24 agosto, 2006

El peligro de quedarnos pequeños

Estoy pasando unos días de vacaciones en la Sierra de Gredos, a medio camino de Madrid y Ávila. Salir fuera siempre va bien. Le permite a uno desenroscarse la barretina, descubrir que hay gente buena en todas partes, que las peculiaridades no son sólo las locales, oír opiniones distintas a las propias que tienen también su parte de razón.
Decía Newton que somos enanos a hombros de gigantes. El tiempo del que disponemos para conocer las cosas es escaso. Por nosotros mismos podemos llegar muy poco lejos. Pero tenemos la ventaja de que no empezamos de cero, sino que nos anteceden cientos de años y miles de congéneres que han pensado antes que nosotros.
Nos podemos quedar enanos cuando nos encerramos en nuestro mundo, cuando nuestro ámbito de interés se reduce a “los nuestros”. Nos olvidamos que “los nuestros” es la humanidad entera. Más allá de las fronteras que nos queramos marcar, hay gente cuyos problemas también nos tienen que interesar. No sólo por la visión egoísta de pensar que esos problemas tarde o temprano nos afectarán a nosotros, sino porque todo problema humano de algún modo es nuestro problema. Esto se llama solidaridad.
Hace unos años estaba en los Estados Unidos delante de mi ordenador leyendo el correo electrónico, cuando me llega un mensaje de la persona que tenía sentada a mi lado. ¿No le era más fácil decirme directamente lo que me quisiese decir, en vez de mandar un mensaje que dio la vuelta al mundo para acabar a dos palmos de donde había salido? Las tecnologías nos han hecho capaces de abarcar con más facilidad el mundo entero. Nos han puesto el mundo al alcance de la mano, pero no necesariamente nos han hecho más grandes. Nos pueden hacer más pequeños.
Me contaban hace unos días el caso de los Hikikomori. Son jóvenes japoneses que hacen la vida en su habitación. Allí comen, trabajan y se relacionan con el exterior a través de su ordenador o su teléfono móvil. Tienen miedo al mundo y no se quieren enfrentar a él. Se quedan encerrados en las cuatro paredes de su habitación. Esta es la dinámica: primero no salimos de nuestro pueblo, y acabamos por no querer salir ni de nuestra habitación. El estado de bienestar no necesariamente nos engrandece, también nos puede empequeñecer. Tenemos todas las necesidades al alcance de la mano, y eso nos empequeñece. Cuando todo es fácil, la menor dificultad nos apabulla.

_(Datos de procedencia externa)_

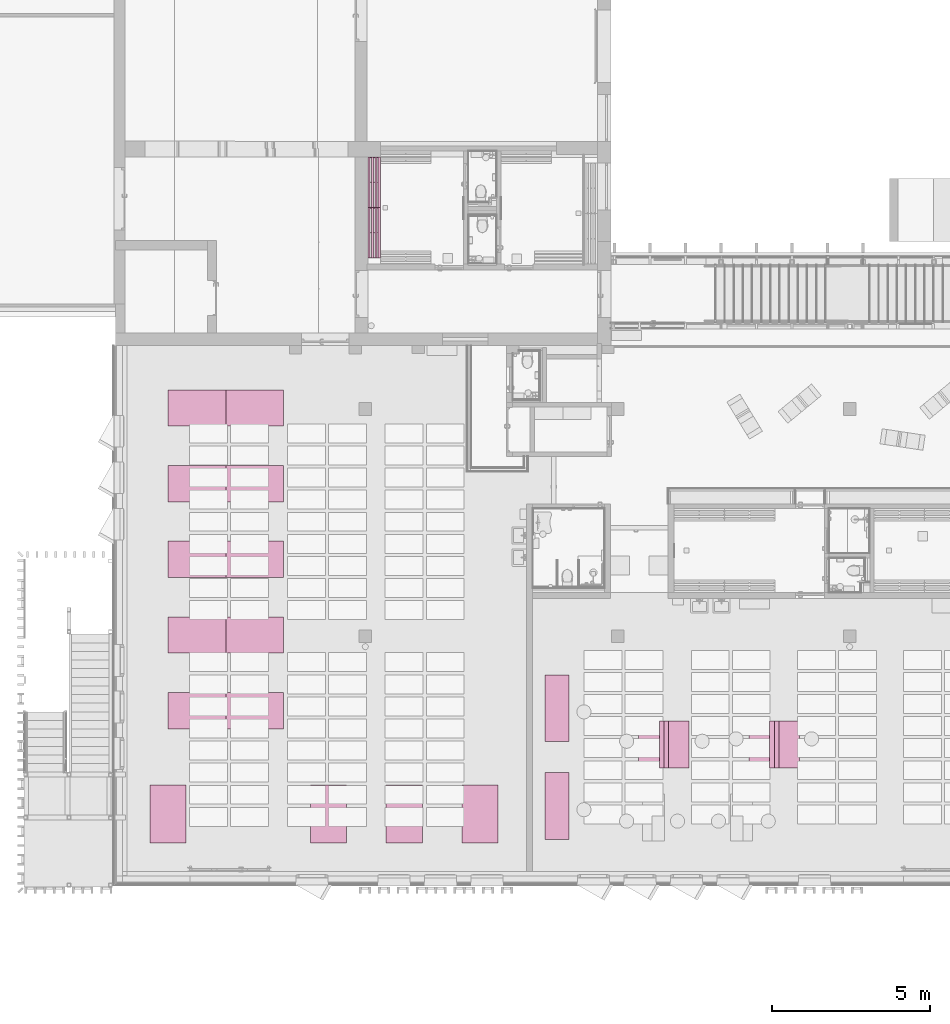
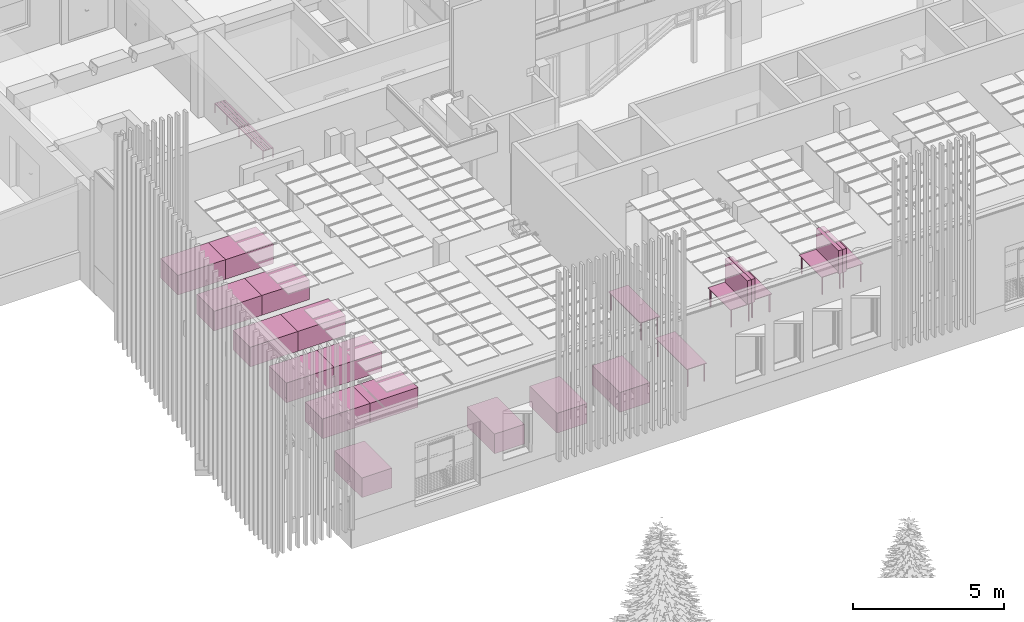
# One storey, part 270 of 301: 26 furnishings.
"""IFC2X3 building model written with IfcOpenShell, lengths in millimetres."""

from ifc_helpers import new_model, entity, si_unit, converted_unit, derived_unit, money_unit, direction, frame, origin_with_axes, place, context, subcontext, project, spatial, faceted_brep, source, transform, mapped, type_object, element, save


model = new_model("IFC2X3")

# Units and contexts
model_context = context("Model", 3, precision=0.01, world=origin_with_axes(), true_north=direction((0.0, 1.0)))
body_context = subcontext(model_context, "Body", "Model", "MODEL_VIEW")
ifc_project = project(units=[si_unit("LENGTHUNIT", "METRE", prefix="MILLI"), si_unit("AREAUNIT", "SQUARE_METRE"), si_unit("VOLUMEUNIT", "CUBIC_METRE"), converted_unit("PLANEANGLEUNIT", "DEGREE", entity("IfcPlaneAngleMeasure", 0.0174532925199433), si_unit("PLANEANGLEUNIT", "RADIAN"), dimensions=[0, 0, 0, 0, 0, 0, 0]), money_unit("EUR"), converted_unit("TIMEUNIT", "Year", entity("IfcTimeMeasure", 31557600.0), si_unit("TIMEUNIT", "SECOND"), dimensions=[0, 0, 1, 0, 0, 0, 0]), si_unit("MASSUNIT", "GRAM", prefix="KILO"), si_unit("THERMODYNAMICTEMPERATUREUNIT", "DEGREE_CELSIUS"), si_unit("LUMINOUSINTENSITYUNIT", "LUMEN"), si_unit("ENERGYUNIT", "JOULE", prefix="MEGA"), derived_unit("THERMALCONDUCTANCEUNIT", [(si_unit("POWERUNIT", "WATT"), 1), (si_unit("LENGTHUNIT", "METRE"), -1), (si_unit("THERMODYNAMICTEMPERATUREUNIT", "KELVIN"), -1)]), derived_unit("SPECIFICHEATCAPACITYUNIT", [(si_unit("ENERGYUNIT", "JOULE"), 1), (si_unit("MASSUNIT", "GRAM", prefix="KILO"), -1), (si_unit("THERMODYNAMICTEMPERATUREUNIT", "KELVIN"), -1)]), derived_unit("MASSDENSITYUNIT", [(si_unit("MASSUNIT", "GRAM", prefix="KILO"), 1), (si_unit("VOLUMEUNIT", "CUBIC_METRE"), -1)])], contexts=[model_context])

# Site, building, storey
site_placement = place(None, frame((0.0, 0.0, 8650.0), z_axis=(0.0, 0.0, 1.0), x_axis=(1.0, 0.0, 0.0)))
site = spatial("IfcSite", under=ifc_project, at=site_placement, Name="43301:001:0844", CompositionType="ELEMENT")
building_placement = place(site_placement, origin_with_axes())
building = spatial("IfcBuilding", under=site, at=building_placement, Name="Kuressaare Ametikooli tuulikute mehaanikute õppekorpus", CompositionType="ELEMENT")
storey_placement = place(building_placement, origin_with_axes())
storey = spatial("IfcBuildingStorey", under=building, at=storey_placement, Name="1.korrus", CompositionType="ELEMENT", Elevation=0.0)

# Furnishings
furniture_type_1 = type_object("IfcFurnitureType", Name="Bench 27", AssemblyPlace="NOTDEFINED")
shared_shape_1 = source(origin_with_axes(), body_context, "Body", "Brep", [
    faceted_brep([(20.0, 0.0, 0.0), (0.0, 0.0, 0.0), (0.0, 20.0, 0.0), (20.0, 20.0, 0.0), (20.0, 0.0, 385.0), (0.0, 0.0, 385.0), (0.0, 20.0, 385.0), (20.0, 20.0, 385.0)], [[[0, 1, 2, 3]], [[1, 0, 4, 5]], [[2, 1, 5, 6]], [[3, 2, 6, 7]], [[0, 3, 7, 4]], [[5, 4, 7, 6]]]),
    faceted_brep([(20.0, 380.0, 0.0), (0.0, 380.0, 0.0), (0.0, 400.0, 0.0), (20.0, 400.0, 0.0), (20.0, 380.0, 385.0), (0.0, 380.0, 385.0), (0.0, 400.0, 385.0), (20.0, 400.0, 385.0)], [[[0, 1, 2, 3]], [[1, 0, 4, 5]], [[2, 1, 5, 6]], [[3, 2, 6, 7]], [[0, 3, 7, 4]], [[5, 4, 7, 6]]]),
    faceted_brep([(1600.000000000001, 0.0, 0.0), (1580.000000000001, 0.0, 0.0), (1580.000000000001, 20.0, 0.0), (1600.000000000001, 20.0, 0.0), (1600.000000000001, 0.0, 385.0), (1580.000000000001, 0.0, 385.0), (1580.000000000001, 20.0, 385.0), (1600.000000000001, 20.0, 385.0)], [[[0, 1, 2, 3]], [[1, 0, 4, 5]], [[2, 1, 5, 6]], [[3, 2, 6, 7]], [[0, 3, 7, 4]], [[5, 4, 7, 6]]]),
    faceted_brep([(1600.000000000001, 380.0, 0.0), (1580.000000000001, 380.0, 0.0), (1580.000000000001, 400.0, 0.0), (1600.000000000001, 400.0, 0.0), (1600.000000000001, 380.0, 385.0), (1580.000000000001, 380.0, 385.0), (1580.000000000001, 400.0, 385.0), (1600.000000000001, 400.0, 385.0)], [[[0, 1, 2, 3]], [[1, 0, 4, 5]], [[2, 1, 5, 6]], [[3, 2, 6, 7]], [[0, 3, 7, 4]], [[5, 4, 7, 6]]]),
    faceted_brep([(810.0000000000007, 0.0, 0.0), (790.0000000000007, 0.0, 0.0), (790.0000000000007, 20.0, 0.0), (810.0000000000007, 20.0, 0.0), (810.0000000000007, 0.0, 385.0), (790.0000000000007, 0.0, 385.0), (790.0000000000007, 20.0, 385.0), (810.0000000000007, 20.0, 385.0)], [[[0, 1, 2, 3]], [[1, 0, 4, 5]], [[2, 1, 5, 6]], [[3, 2, 6, 7]], [[0, 3, 7, 4]], [[5, 4, 7, 6]]]),
    faceted_brep([(810.0000000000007, 380.0, 0.0), (790.0000000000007, 380.0, 0.0), (790.0000000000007, 400.0, 0.0), (810.0000000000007, 400.0, 0.0), (810.0000000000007, 380.0, 385.0), (790.0000000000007, 380.0, 385.0), (790.0000000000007, 400.0, 385.0), (810.0000000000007, 400.0, 385.0)], [[[0, 1, 2, 3]], [[1, 0, 4, 5]], [[2, 1, 5, 6]], [[3, 2, 6, 7]], [[0, 3, 7, 4]], [[5, 4, 7, 6]]]),
    faceted_brep([(790.0000000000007, 0.0, 365.0000000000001), (20.0, 0.0, 365.0000000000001), (20.0, 20.0, 365.0000000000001), (790.0000000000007, 20.0, 365.0000000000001), (790.0000000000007, 0.0, 385.0000000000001), (20.0, 0.0, 385.0000000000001), (20.0, 20.0, 385.0000000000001), (790.0000000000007, 20.0, 385.0000000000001)], [[[0, 1, 2, 3]], [[1, 0, 4, 5]], [[2, 1, 5, 6]], [[3, 2, 6, 7]], [[0, 3, 7, 4]], [[5, 4, 7, 6]]]),
    faceted_brep([(1580.000000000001, 0.0, 365.0000000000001), (810.0000000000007, 0.0, 365.0000000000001), (810.0000000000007, 20.0, 365.0000000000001), (1580.000000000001, 20.0, 365.0000000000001), (1580.000000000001, 0.0, 385.0000000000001), (810.0000000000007, 0.0, 385.0000000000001), (810.0000000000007, 20.0, 385.0000000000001), (1580.000000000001, 20.0, 385.0000000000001)], [[[0, 1, 2, 3]], [[1, 0, 4, 5]], [[2, 1, 5, 6]], [[3, 2, 6, 7]], [[0, 3, 7, 4]], [[5, 4, 7, 6]]]),
    faceted_brep([(790.0000000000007, 380.0, 365.0000000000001), (20.0, 380.0, 365.0000000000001), (20.0, 400.0, 365.0000000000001), (790.0000000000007, 400.0, 365.0000000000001), (790.0000000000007, 380.0, 385.0000000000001), (20.0, 380.0, 385.0000000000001), (20.0, 400.0, 385.0000000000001), (790.0000000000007, 400.0, 385.0000000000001)], [[[0, 1, 2, 3]], [[1, 0, 4, 5]], [[2, 1, 5, 6]], [[3, 2, 6, 7]], [[0, 3, 7, 4]], [[5, 4, 7, 6]]]),
    faceted_brep([(1580.000000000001, 380.0, 365.0000000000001), (810.0000000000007, 380.0, 365.0000000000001), (810.0000000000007, 400.0, 365.0000000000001), (1580.000000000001, 400.0, 365.0000000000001), (1580.000000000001, 380.0, 385.0000000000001), (810.0000000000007, 380.0, 385.0000000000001), (810.0000000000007, 400.0, 385.0000000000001), (1580.000000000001, 400.0, 385.0000000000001)], [[[0, 1, 2, 3]], [[1, 0, 4, 5]], [[2, 1, 5, 6]], [[3, 2, 6, 7]], [[0, 3, 7, 4]], [[5, 4, 7, 6]]]),
    faceted_brep([(20.0, 20.0, 365.0000000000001), (0.0, 20.0, 365.0000000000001), (0.0, 380.0000000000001, 365.0000000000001), (20.0, 380.0000000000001, 365.0000000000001), (20.0, 20.0, 385.0000000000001), (0.0, 20.0, 385.0000000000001), (0.0, 380.0000000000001, 385.0000000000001), (20.0, 380.0000000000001, 385.0000000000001)], [[[0, 1, 2, 3]], [[1, 0, 4, 5]], [[2, 1, 5, 6]], [[3, 2, 6, 7]], [[0, 3, 7, 4]], [[5, 4, 7, 6]]]),
    faceted_brep([(810.0000000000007, 20.0, 365.0000000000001), (790.0000000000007, 20.0, 365.0000000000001), (790.0000000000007, 380.0000000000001, 365.0000000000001), (810.0000000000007, 380.0000000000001, 365.0000000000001), (810.0000000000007, 20.0, 385.0000000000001), (790.0000000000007, 20.0, 385.0000000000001), (790.0000000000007, 380.0000000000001, 385.0000000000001), (810.0000000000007, 380.0000000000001, 385.0000000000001)], [[[0, 1, 2, 3]], [[1, 0, 4, 5]], [[2, 1, 5, 6]], [[3, 2, 6, 7]], [[0, 3, 7, 4]], [[5, 4, 7, 6]]]),
    faceted_brep([(1600.000000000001, 20.0, 365.0000000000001), (1580.000000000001, 20.0, 365.0000000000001), (1580.000000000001, 380.0000000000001, 365.0000000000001), (1600.000000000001, 380.0000000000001, 365.0000000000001), (1600.000000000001, 20.0, 385.0000000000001), (1580.000000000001, 20.0, 385.0000000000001), (1580.000000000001, 380.0000000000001, 385.0000000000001), (1600.000000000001, 380.0000000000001, 385.0000000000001)], [[[0, 1, 2, 3]], [[1, 0, 4, 5]], [[2, 1, 5, 6]], [[3, 2, 6, 7]], [[0, 3, 7, 4]], [[5, 4, 7, 6]]]),
    faceted_brep([(0.0, 330.0, 385.0), (1600.000000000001, 330.0, 385.0), (1600.000000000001, 330.0, 400.0), (0.0, 330.0, 400.0), (0.0, 400.0, 385.0), (1600.000000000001, 400.0, 385.0), (1600.000000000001, 400.0, 400.0), (0.0, 400.0, 400.0)], [[[0, 1, 2, 3]], [[0, 4, 5, 1]], [[1, 5, 6, 2]], [[3, 2, 6, 7]], [[4, 0, 3, 7]], [[5, 4, 7, 6]]]),
    faceted_brep([(1600.000000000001, 0.0, 385.0), (0.0, 0.0, 385.0), (0.0, 70.0, 385.0), (1600.000000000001, 70.0, 385.0), (1600.000000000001, 0.0, 400.0), (0.0, 0.0, 400.0), (0.0, 70.0, 400.0), (1600.000000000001, 70.0, 400.0)], [[[0, 1, 2, 3]], [[1, 0, 4, 5]], [[2, 1, 5, 6]], [[3, 2, 6, 7]], [[0, 3, 7, 4]], [[5, 4, 7, 6]]]),
    faceted_brep([(1600.000000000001, 110.0, 385.0), (0.0, 110.0, 385.0), (0.0, 180.0, 385.0), (1600.000000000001, 180.0, 385.0), (1600.000000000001, 110.0, 400.0), (0.0, 110.0, 400.0), (0.0, 180.0, 400.0), (1600.000000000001, 180.0, 400.0)], [[[0, 1, 2, 3]], [[1, 0, 4, 5]], [[2, 1, 5, 6]], [[3, 2, 6, 7]], [[0, 3, 7, 4]], [[5, 4, 7, 6]]]),
    faceted_brep([(1600.000000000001, 220.0, 385.0), (0.0, 220.0, 385.0), (0.0, 290.0000000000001, 385.0), (1600.000000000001, 290.0000000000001, 385.0), (1600.000000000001, 220.0, 400.0), (0.0, 220.0, 400.0), (0.0, 290.0000000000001, 400.0), (1600.000000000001, 290.0000000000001, 400.0)], [[[0, 1, 2, 3]], [[1, 0, 4, 5]], [[2, 1, 5, 6]], [[3, 2, 6, 7]], [[0, 3, 7, 4]], [[5, 4, 7, 6]]]),
])
for number, where, z_axis, x_axis, name in (
    (1, (95947.90134526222, 30154.84559020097, 0.0), (0.0, 0.0, 1.0), (0.0, -1.0, 0.0), "PI1"),
    (2, (95947.90113090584, 31754.84559020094, 0.0), (0.0, 0.0, 1.0), (0.0, -1.0, 0.0), "PI1"),
):
    element("IfcFurnishingElement", number, at=place(storey_placement, frame(where, z_axis=z_axis, x_axis=x_axis)), inside=storey, type_object=furniture_type_1, Name=name, context=body_context, shape_type="MappedRepresentation", body=[
        mapped(shared_shape_1, transform((0.0, 0.0, 0.0))),
    ])
furniture_type_2 = type_object("IfcFurnitureType", Name="Office Table 27", AssemblyPlace="NOTDEFINED")
shared_shape_2 = source(origin_with_axes(), body_context, "Body", "Brep", [
    faceted_brep([(0.0, 0.0, 750.0), (-2120.0, 0.0, 750.0), (-2120.0, 0.0, 725.0), (0.0, 0.0, 725.0), (0.0, 760.0, 750.0), (-2120.0, 760.0, 750.0), (-2120.0, 760.0, 725.0), (0.0, 760.0, 725.0)], [[[0, 1, 2, 3]], [[0, 4, 5, 1]], [[1, 5, 6, 2]], [[3, 2, 6, 7]], [[4, 0, 3, 7]], [[5, 4, 7, 6]]]),
    faceted_brep([(-84.99999999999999, 45.0, 0.0), (-84.99999999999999, 84.99999999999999, 0.0), (-45.0, 84.99999999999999, 0.0), (-45.0, 45.0, 0.0), (-84.99999999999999, 45.0, 725.0), (-84.99999999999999, 84.99999999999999, 725.0), (-45.0, 84.99999999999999, 725.0), (-45.0, 45.0, 725.0)], [[[0, 1, 2, 3]], [[0, 4, 5, 1]], [[1, 5, 6, 2]], [[2, 6, 7, 3]], [[3, 7, 4, 0]], [[7, 6, 5, 4]]]),
    faceted_brep([(-2075.0, 45.0, 0.0), (-2075.0, 84.99999999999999, 0.0), (-2035.0, 84.99999999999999, 0.0), (-2035.0, 45.0, 0.0), (-2075.0, 45.0, 725.0), (-2075.0, 84.99999999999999, 725.0), (-2035.0, 84.99999999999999, 725.0), (-2035.0, 45.0, 725.0)], [[[0, 1, 2, 3]], [[0, 4, 5, 1]], [[1, 5, 6, 2]], [[2, 6, 7, 3]], [[3, 7, 4, 0]], [[7, 6, 5, 4]]]),
    faceted_brep([(-2075.0, 675.0, 0.0), (-2075.0, 715.0000000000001, 0.0), (-2035.0, 715.0000000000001, 0.0), (-2035.0, 675.0, 0.0), (-2075.0, 675.0, 725.0), (-2075.0, 715.0000000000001, 725.0), (-2035.0, 715.0000000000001, 725.0), (-2035.0, 675.0, 725.0)], [[[0, 1, 2, 3]], [[0, 4, 5, 1]], [[1, 5, 6, 2]], [[2, 6, 7, 3]], [[3, 7, 4, 0]], [[7, 6, 5, 4]]]),
    faceted_brep([(-84.99999999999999, 675.0, 0.0), (-84.99999999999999, 715.0000000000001, 0.0), (-45.0, 715.0000000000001, 0.0), (-45.0, 675.0, 0.0), (-84.99999999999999, 675.0, 725.0), (-84.99999999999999, 715.0000000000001, 725.0), (-45.0, 715.0000000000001, 725.0), (-45.0, 675.0, 725.0)], [[[0, 1, 2, 3]], [[0, 4, 5, 1]], [[1, 5, 6, 2]], [[2, 6, 7, 3]], [[3, 7, 4, 0]], [[7, 6, 5, 4]]]),
])
for number, where, z_axis, x_axis, name in (
    (3, (102325.0525786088, 12248.91712444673, 0.0), (0.0, 0.0, 1.0), (0.0, 1.0, 0.0), "SET"),
    (4, (102325.0525786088, 15350.46801480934, 0.0), (0.0, 0.0, 1.0), (0.0, 1.0, 0.0), "SET"),
):
    element("IfcFurnishingElement", number, at=place(storey_placement, frame(where, z_axis=z_axis, x_axis=x_axis)), inside=storey, type_object=furniture_type_2, Name=name, context=body_context, shape_type="MappedRepresentation", body=[
        mapped(shared_shape_2, transform((0.0, 0.0, 0.0))),
    ])
shared_shape_3 = source(origin_with_axes(), body_context, "Body", "Brep", [
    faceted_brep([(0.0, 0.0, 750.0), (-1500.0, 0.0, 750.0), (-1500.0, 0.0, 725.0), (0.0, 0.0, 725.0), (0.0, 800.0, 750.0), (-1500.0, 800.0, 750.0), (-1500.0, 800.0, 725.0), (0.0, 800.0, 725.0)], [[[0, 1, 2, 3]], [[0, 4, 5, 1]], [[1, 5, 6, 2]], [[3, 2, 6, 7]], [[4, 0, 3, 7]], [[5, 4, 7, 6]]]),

Un profesor mío de la universidad decía que para hacer una buena carrera uno tenía que salir de casa, y pasar un poco de frío y un poco de hambre. Universidad significa visión universal, no sólo por los conocimientos adquiridos sino también por encontrarse con gente de todas partes. Hoy ninguna de las dos cosas se da necesariamente. Los estudios son cada vez más especializados, sabemos mucho de cosas cada vez más específicas. Eso también nos empequeñece. Pero es que además uno puede acabar estudiando al lado de casa. Nos volvemos más locales y más pequeños.
Unos años atrás un amigo me hacía notar que en Catalunya no había tradición de grandes empresas industriales y que lo nuestro era más bien el botiguer. Mentalidad de botiguer: preocuparse por el negoci para ir guardando unos ahorros para la vejez. Hoy ni siquiera impera la mentalidad del botiguer, sino la del funcionari de la Generalitat. Se prefiere la seguridad al riesgo, la sopa boba al no dormir. Nos hemos pasado demasiados años quejándonos de lo mal que nos tratan –¡a ver si ahora resultará que antes nos trataban bien! ¡Eso sí que sería revisar la historia!-, nos hemos acostumbrado a echar las culpas fuera, ha sido la excusa para no cuestionarnos si no nos habremos dormido en los laureles.
La mentalidad pequeña nos hace quejicas, nos lleva a encerrarnos en nosotros mismos, nos hace egoístas, nos vuelve comodones, faltos de espíritu crítico hacia lo propio e intolerantes hacia lo ajeno. ¡Hay tantas cosas importantes por hacer!¡Hay tantas cosas buenas por ahí fuera! No nos empequeñezcamos.